#### WHAT THE TASK REQUIRES:
Figure out how many lines of the material below contain the word "outline". Answer with the number only.

#### EXTRACTED MATERIAL:
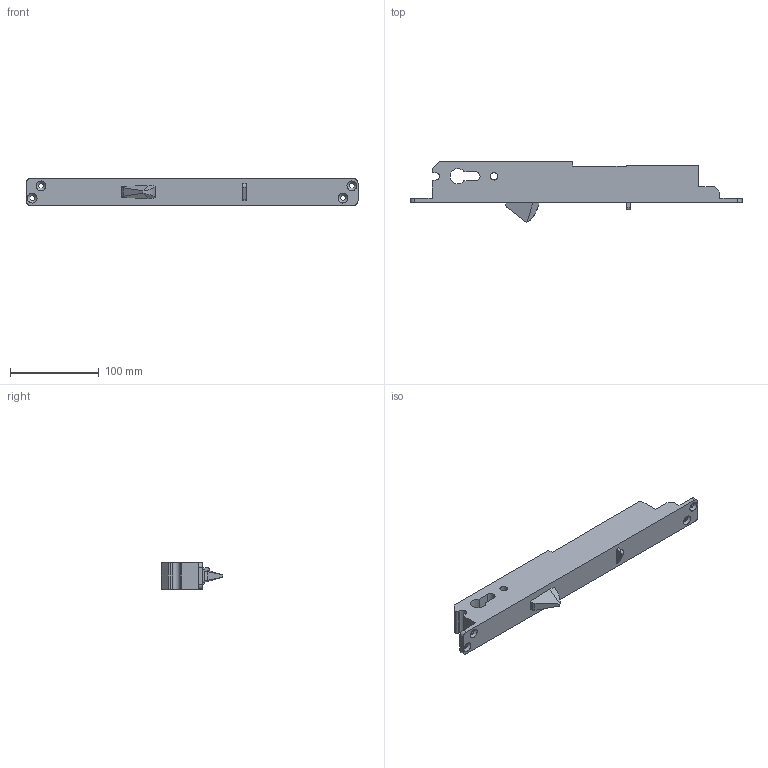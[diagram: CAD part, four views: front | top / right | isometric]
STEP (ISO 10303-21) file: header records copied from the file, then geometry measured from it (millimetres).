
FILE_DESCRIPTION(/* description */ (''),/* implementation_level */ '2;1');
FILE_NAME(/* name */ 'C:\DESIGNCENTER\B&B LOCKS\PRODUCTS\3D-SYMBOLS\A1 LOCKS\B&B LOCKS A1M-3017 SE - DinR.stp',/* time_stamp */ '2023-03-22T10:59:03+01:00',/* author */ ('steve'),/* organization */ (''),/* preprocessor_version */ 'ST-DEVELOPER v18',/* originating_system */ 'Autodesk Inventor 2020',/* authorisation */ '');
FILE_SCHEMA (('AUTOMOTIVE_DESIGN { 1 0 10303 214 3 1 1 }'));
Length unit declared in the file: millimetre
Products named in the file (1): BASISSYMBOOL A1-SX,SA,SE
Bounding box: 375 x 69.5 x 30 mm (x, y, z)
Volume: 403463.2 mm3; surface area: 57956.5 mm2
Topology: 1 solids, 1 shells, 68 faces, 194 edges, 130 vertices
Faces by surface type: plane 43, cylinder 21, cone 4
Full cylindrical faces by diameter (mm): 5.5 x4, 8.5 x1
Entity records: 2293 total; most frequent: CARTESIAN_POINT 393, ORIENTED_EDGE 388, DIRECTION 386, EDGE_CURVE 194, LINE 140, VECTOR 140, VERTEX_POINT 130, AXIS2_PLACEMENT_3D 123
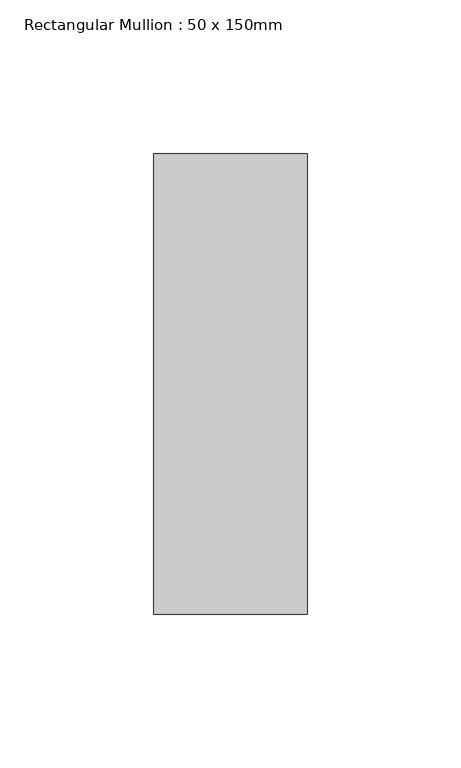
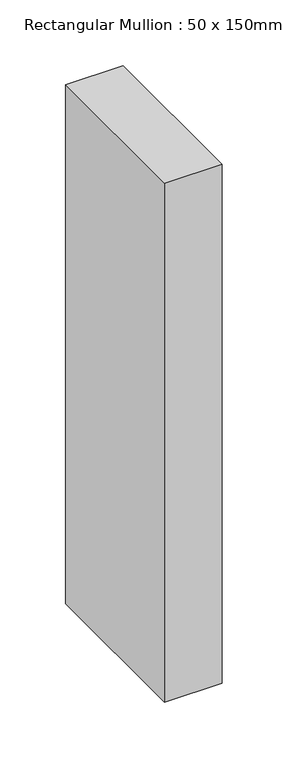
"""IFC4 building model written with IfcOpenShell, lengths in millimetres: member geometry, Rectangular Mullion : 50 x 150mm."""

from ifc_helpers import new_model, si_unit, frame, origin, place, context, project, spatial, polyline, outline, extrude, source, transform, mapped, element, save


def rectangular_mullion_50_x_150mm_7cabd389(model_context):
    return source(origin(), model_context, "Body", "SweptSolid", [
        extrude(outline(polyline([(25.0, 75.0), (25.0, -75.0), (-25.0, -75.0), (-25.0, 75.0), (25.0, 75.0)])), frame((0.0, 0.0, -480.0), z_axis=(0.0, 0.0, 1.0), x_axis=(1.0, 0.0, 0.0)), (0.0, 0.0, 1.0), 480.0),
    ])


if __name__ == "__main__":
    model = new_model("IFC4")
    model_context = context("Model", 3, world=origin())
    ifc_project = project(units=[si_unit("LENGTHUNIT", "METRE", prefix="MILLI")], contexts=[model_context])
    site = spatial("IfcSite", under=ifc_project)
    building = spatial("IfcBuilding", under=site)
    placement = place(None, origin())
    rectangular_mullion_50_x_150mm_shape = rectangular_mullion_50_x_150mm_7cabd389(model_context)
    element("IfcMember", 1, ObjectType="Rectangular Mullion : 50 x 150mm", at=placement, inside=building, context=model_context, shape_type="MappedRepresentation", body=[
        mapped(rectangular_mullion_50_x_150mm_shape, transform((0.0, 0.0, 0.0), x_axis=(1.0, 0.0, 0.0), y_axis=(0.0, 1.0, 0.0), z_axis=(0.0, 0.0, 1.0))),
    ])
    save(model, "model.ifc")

#### RESULT OF THIS EXERCISE:
2